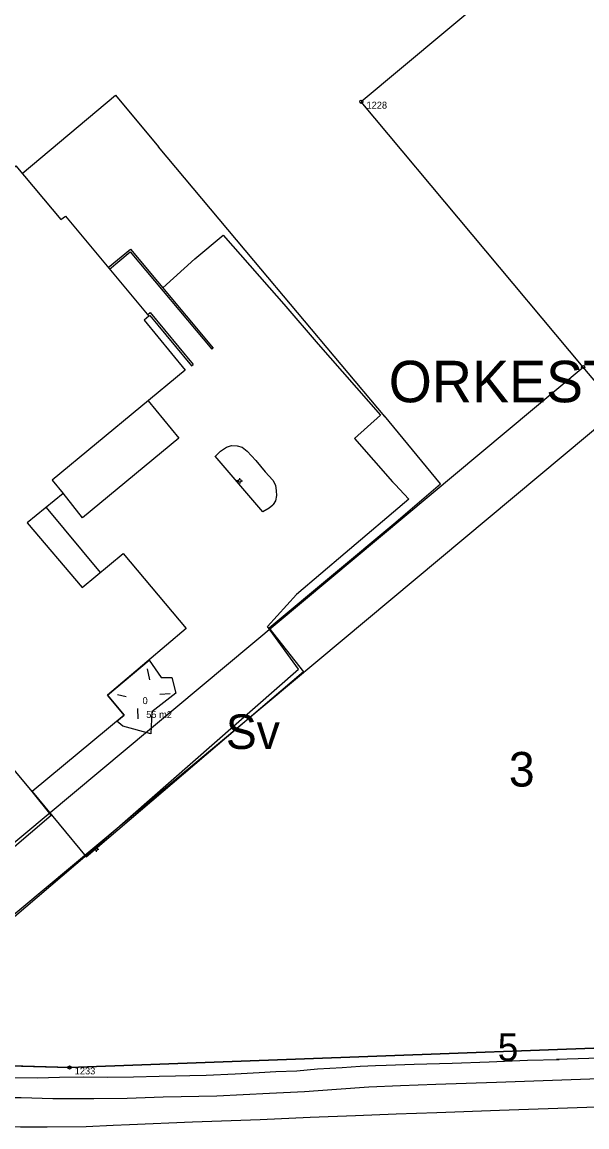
# Model space of a CAD drawing. Extents: x 1517478 to 1518189, y 6494860 to 6495389.
# Drawn here: x 1517838.6 to 1517920.3, y 6494947.7 to 6495107.4 of the extents above; entities that cross this region are included whole.
import ezdxf

# ---------------------------------------------------------------- set-up
doc = ezdxf.new("R2010")
doc.units = 0
for name, color, linetype in [('adress', 7, 'Continuous'), ('allmanbygg_symbollinje', 7, 'Continuous'), ('allmanbyggnad', 7, 'Continuous'), ('allmanbyggnad_nummer', 7, 'Continuous'), ('byggnad_areatext', 7, 'Continuous'), ('fastighetsbeteckning', 7, 'Continuous'), ('gc_vag', 7, 'Continuous'), ('grans', 7, 'Continuous'), ('granspunkt', 7, 'Continuous'), ('granspunkt_text', 7, 'Continuous'), ('kvartersgrans', 7, 'Continuous'), ('kvartersnamn', 7, 'Continuous'), ('kvartersytor', 7, 'Continuous'), ('planteringskant', 7, 'Continuous'), ('rattighet_grans_ANV_EJ', 7, 'Continuous'), ('skarmtak', 7, 'Continuous'), ('staket', 7, 'Continuous'), ('stenmur', 7, 'Continuous'), ('stolpe_belysning', 7, 'Continuous'), ('sv_text', 7, 'Continuous'), ('vagkant', 7, 'Continuous'), ('vagkant_mindre', 7, 'Continuous')]:
    doc.layers.add(name, color=color, linetype=linetype)

msp = doc.modelspace()

# ---------------------------------------------------------------- linework, layer by layer
at = {"layer": 'allmanbygg_symbollinje'}
for p, q in [((1517856.72, 6495013.92), (1517857.04, 6495012.34)), ((1517852.41, 6495010.21), (1517853.68, 6495009.93)), ((1517860.05, 6495010.31), (1517858.55, 6495010.24)), ((1517855.39, 6495006.7), (1517855.36, 6495008.21))]:
    msp.add_line(p, q, dxfattribs=at)
at = {"layer": 'allmanbyggnad'}
for points in [[(1517795.98, 6495052.03), (1517837.72, 6495086.69), (1517844.24, 6495078.9), (1517844.89, 6495079.4), (1517856.96, 6495064.93), (1517856.28, 6495064.33), (1517862.19, 6495057.11), (1517842.98, 6495041.23), (1517844.57, 6495039.29), (1517839.38, 6495035.07), (1517847.33, 6495025.71), (1517853.22, 6495030.6), (1517862.35, 6495019.75), (1517850.98, 6495010.13), (1517853.38, 6495007.24), (1517840.06, 6494996.19), (1517822.37, 6495017.44), (1517823.84, 6495018.69), (1517795.97, 6495052.03)], [(1517850.98, 6495010.13), (1517856.98, 6495015.21), (1517858.75, 6495012.67), (1517860.26, 6495012.67), (1517860.86, 6495010.41), (1517857.4, 6495007.7), (1517857.25, 6495004.55), (1517853.2, 6495005.67), (1517852.31, 6495006.35), (1517853.38, 6495007.24), (1517850.98, 6495010.13)]]:
    msp.add_lwpolyline(points, dxfattribs=at)
at = {"layer": 'gc_vag'}
for points in [[(1517939.93, 6494958.28), (1517936.05, 6494958.14), (1517929.92, 6494957.93), (1517923.68, 6494957.69), (1517915.87, 6494957.44)], [(1517891.25, 6494956.6), (1517889.71, 6494956.53), (1517887.5, 6494956.42), (1517884.91, 6494956.25), (1517881.34, 6494956.04), (1517878.32, 6494955.79), (1517875.31, 6494955.69), (1517872.89, 6494955.51), (1517869.43, 6494955.34), (1517865.22, 6494955.16), (1517862.88, 6494955.09)], [(1517916.26, 6494957.41), (1517911.67, 6494957.3), (1517906.13, 6494957.05), (1517900.78, 6494956.88), (1517895.28, 6494956.74), (1517891.25, 6494956.6)], [(1517862.88, 6494955.09), (1517860.81, 6494955.05), (1517858.46, 6494954.98), (1517854.75, 6494954.91), (1517851, 6494954.84), (1517847.43, 6494954.88), (1517844.03, 6494954.84), (1517840.85, 6494954.74), (1517837.48, 6494954.81), (1517835.56, 6494954.81), (1517834.33, 6494954.91)], [(1517907.22, 6494954.18), (1517920.7, 6494954.64), (1517929.14, 6494954.95), (1517938.99, 6494955.23)], [(1517879.46, 6494952.85), (1517884.07, 6494953.16), (1517888.76, 6494953.52), (1517893.31, 6494953.69), (1517898.43, 6494953.9), (1517907.22, 6494954.18)], [(1517832.31, 6494947.99), (1517832.41, 6494949.71), (1517832.62, 6494951.11), (1517833.29, 6494951.63), (1517833.95, 6494951.95), (1517838.47, 6494951.95), (1517843.09, 6494951.84), (1517849.01, 6494951.84), (1517853.81, 6494951.88)], [(1517853.81, 6494951.88), (1517859.04, 6494952.04), (1517866.75, 6494952.18), (1517874.38, 6494952.57), (1517879.46, 6494952.85)]]:
    msp.add_lwpolyline(points, dxfattribs=at)
at = {"layer": 'grans'}
for p, q in [((1517942.78, 6495142.01), (1517887.66, 6495095.94)), ((1517919.72, 6495057.58), (1517887.66, 6495095.94)), ((1517807.17, 6494963.51), (1517919.72, 6495057.58)), ((1517993.72, 6494969.04), (1517919.72, 6495057.58)), ((1517845.48, 6494956.3), (1517968.3, 6494960.82)), ((1517833.61, 6494956.65), (1517845.48, 6494956.3))]:
    msp.add_line(p, q, dxfattribs=at)
at = {"layer": 'granspunkt'}
for centre in [(1517887.66, 6495095.94), (1517919.72, 6495057.58), (1517845.48, 6494956.3)]:
    msp.add_circle(centre, 0.237, dxfattribs=at)
at = {"layer": 'kvartersgrans'}
msp.add_lwpolyline([(1517810.53, 6494961.99), (1517821.9, 6494958.56), (1517833.61, 6494956.65), (1517845.48, 6494956.3), (1517968.3, 6494960.82), (1517976.46, 6494961.8), (1517984.36, 6494964.1), (1517991.77, 6494967.66)], dxfattribs=at)
at = {"layer": 'kvartersytor'}
msp.add_lwpolyline([(1517905.68, 6495182.68), (1518054.69, 6495019.3), (1517998.49, 6494972.4), (1517993.72, 6494969.04), (1517988.06, 6494965.88), (1517984.36, 6494964.1), (1517976.46, 6494961.8), (1517972.38, 6494961.31), (1517968.3, 6494960.82), (1517845.48, 6494956.3), (1517833.61, 6494956.65)], dxfattribs=at)
at = {"layer": 'planteringskant'}
msp.add_lwpolyline([(1517866.55, 6495044.64), (1517867.32, 6495045.43), (1517868.17, 6495045.97), (1517868.88, 6495046.21), (1517869.72, 6495046.2), (1517870.45, 6495045.97), (1517871.15, 6495045.43), (1517872.4, 6495044.06), (1517873.76, 6495042.4), (1517874.88, 6495041.24), (1517875.25, 6495040.5), (1517875.34, 6495039.67), (1517875.42, 6495039.01), (1517875.24, 6495038.21), (1517874.94, 6495037.7), (1517874.85, 6495037.62), (1517874.35, 6495037.18), (1517873.43, 6495036.64), (1517866.52, 6495044.68)], dxfattribs=at)
at = {"layer": 'rattighet_grans_ANV_EJ'}
msp.add_line((1517924.99, 6495051.56), (1517819.73, 6494963.58), dxfattribs=at)
at = {"layer": 'skarmtak'}
msp.add_line((1517842.08, 6495037.27), (1517849.92, 6495027.86), dxfattribs=at)
msp.add_lwpolyline([(1517856.86, 6495052.71), (1517861.28, 6495047.29), (1517847.36, 6495035.77), (1517844.54, 6495039.33)], dxfattribs=at)
at = {"layer": 'staket'}
for p, q in [((1517872.13, 6495072.97), (1517858.36, 6495089.39)), ((1517891.06, 6495050.42), (1517872.13, 6495072.97)), ((1517874.36, 6495019.87), (1517892.35, 6495034.9)), ((1517879.35, 6495013.53), (1517874.36, 6495019.87)), ((1517847.87, 6494986.76), (1517879.32, 6495013.57)), ((1517840.06, 6494996.19), (1517847.88, 6494986.75))]:
    msp.add_line(p, q, dxfattribs=at)
for points in [[(1517838.64, 6495085.58), (1517852.12, 6495096.88), (1517858.36, 6495089.39)], [(1517892.34, 6495034.89), (1517899.1, 6495040.69), (1517891, 6495050.5)]]:
    msp.add_lwpolyline(points, dxfattribs=at)
at = {"layer": 'stenmur'}
for p, q in [((1517866.03, 6495060.14), (1517866.24, 6495060.33)), ((1517863.11, 6495057.76), (1517863.35, 6495057.96))]:
    msp.add_line(p, q, dxfattribs=at)
for points in [[(1517851.08, 6495071.97), (1517854.28, 6495074.61), (1517866.25, 6495060.32)], [(1517851.26, 6495071.75), (1517854.24, 6495074.21), (1517866.03, 6495060.14)], [(1517856.79, 6495065.18), (1517857.13, 6495065.48), (1517863.35, 6495057.96)], [(1517856.99, 6495064.94), (1517857.09, 6495065.03), (1517863.11, 6495057.76)]]:
    msp.add_lwpolyline(points, dxfattribs=at)
at = {"layer": 'stolpe_belysning'}
for p, q in [((1517869.88, 6495041.12), (1517869.68, 6495041.12)), ((1517870.08, 6495041.32), (1517870.08, 6495041.52)), ((1517870.08, 6495040.92), (1517870.08, 6495040.72)), ((1517870.28, 6495041.12), (1517870.48, 6495041.12)), ((1517849.32, 6494988.07), (1517849.32, 6494988.27)), ((1517849.12, 6494987.87), (1517848.92, 6494987.87)), ((1517849.32, 6494987.67), (1517849.32, 6494987.47)), ((1517849.52, 6494987.87), (1517849.72, 6494987.87))]:
    msp.add_line(p, q, dxfattribs=at)
for centre in [(1517870.08, 6495041.12), (1517849.32, 6494987.87)]:
    msp.add_circle(centre, 0.2, dxfattribs=at)
at = {"layer": 'vagkant'}
for points in [[(1517880.27, 6494949.1), (1517886.83, 6494949.38), (1517892.72, 6494949.59), (1517898.57, 6494949.8), (1517907.64, 6494950.12)], [(1517907.64, 6494950.12), (1517920.28, 6494950.57), (1517928.48, 6494950.89), (1517939.83, 6494951.27)], [(1517854.13, 6494948.06), (1517863.27, 6494948.44), (1517873.02, 6494948.78), (1517880.27, 6494949.1)], [(1517832.31, 6494947.99), (1517834.83, 6494947.82), (1517838.37, 6494947.71), (1517842.24, 6494947.74), (1517847.89, 6494947.75), (1517851.78, 6494947.96), (1517854.13, 6494948.06)]]:
    msp.add_lwpolyline(points, dxfattribs=at)
at = {"layer": 'vagkant_mindre'}
for points in [[(1517858.95, 6495069.04), (1517863.6, 6495073.2), (1517867.67, 6495076.63), (1517876.78, 6495066.27)], [(1517876.44, 6495066.66), (1517881.4, 6495060.9), (1517890.42, 6495050.64), (1517886.67, 6495047.26), (1517892.17, 6495040.97)], [(1517891.87, 6495041.32), (1517894.53, 6495038.47), (1517885.33, 6495030.66), (1517878.31, 6495024.69), (1517874.09, 6495020.04)], [(1517814.6, 6494958.94), (1517835.57, 6494976.43), (1517848.02, 6494987.1), (1517878.6, 6495013.87), (1517874.09, 6495020.04)], [(1517836.85, 6494987.68), (1517842.85, 6494992.77), (1517840.06, 6494996.19)]]:
    msp.add_lwpolyline(points, dxfattribs=at)

# ---------------------------------------------------------------- texts
at = {"layer": 'adress'}
msp.add_text('5', height=4, rotation=0.0021, dxfattribs=at).set_placement((1517907.38, 6494957.24))
at = {"layer": 'allmanbyggnad_nummer'}
msp.add_text('0', height=1, dxfattribs=at).set_placement((1517856.04, 6495008.84))
at = {"layer": 'byggnad_areatext'}
msp.add_text('55 m2', height=1, dxfattribs=at).set_placement((1517856.57, 6495006.84))
at = {"layer": 'fastighetsbeteckning'}
msp.add_text('3', height=5, rotation=0.0021, dxfattribs=at).set_placement((1517908.99, 6494996.92))
at = {"layer": 'granspunkt_text'}
for s, p in [('1228', (1517888.41, 6495094.94)), ('1233', (1517846.23, 6494955.3))]:
    msp.add_text(s, height=1, dxfattribs=at).set_placement(p)
at = {"layer": 'kvartersnamn'}
msp.add_text('ORKESTERN', height=6, rotation=0.0021, dxfattribs=at).set_placement((1517891.62, 6495052.48))
at = {"layer": 'sv_text'}
msp.add_text('Sv', height=5, rotation=0.0021, dxfattribs=at).set_placement((1517868.08, 6495002.35))

doc.saveas('drawing.dxf')
_ _ _ _
Assignment = Which lines in the data above contain "fastighetsbeteckning"? Show each one.

Answer space =
for name, color, linetype in [('adress', 7, 'Continuous'), ('allmanbygg_symbollinje', 7, 'Continuous'), ('allmanbyggnad', 7, 'Continuous'), ('allmanbyggnad_nummer', 7, 'Continuous'), ('byggnad_areatext', 7, 'Continuous'), ('fastighetsbeteckning', 7, 'Continuous'), ('gc_vag', 7, 'Continuous'), ('grans', 7, 'Continuous'), ('granspunkt', 7, 'Continuous'), ('granspunkt_text', 7, 'Continuous'), ('kvartersgrans', 7, 'Continuous'), ('kvartersnamn', 7, 'Continuous'), ('kvartersytor', 7, 'Continuous'), ('planteringskant', 7, 'Continuous'), ('rattighet_grans_ANV_EJ', 7, 'Continuous'), ('skarmtak', 7, 'Continuous'), ('staket', 7, 'Continuous'), ('stenmur', 7, 'Continuous'), ('stolpe_belysning', 7, 'Continuous'), ('sv_text', 7, 'Continuous'), ('vagkant', 7, 'Continuous'), ('vagkant_mindre', 7, 'Continuous')]:
at = {"layer": 'fastighetsbeteckning'}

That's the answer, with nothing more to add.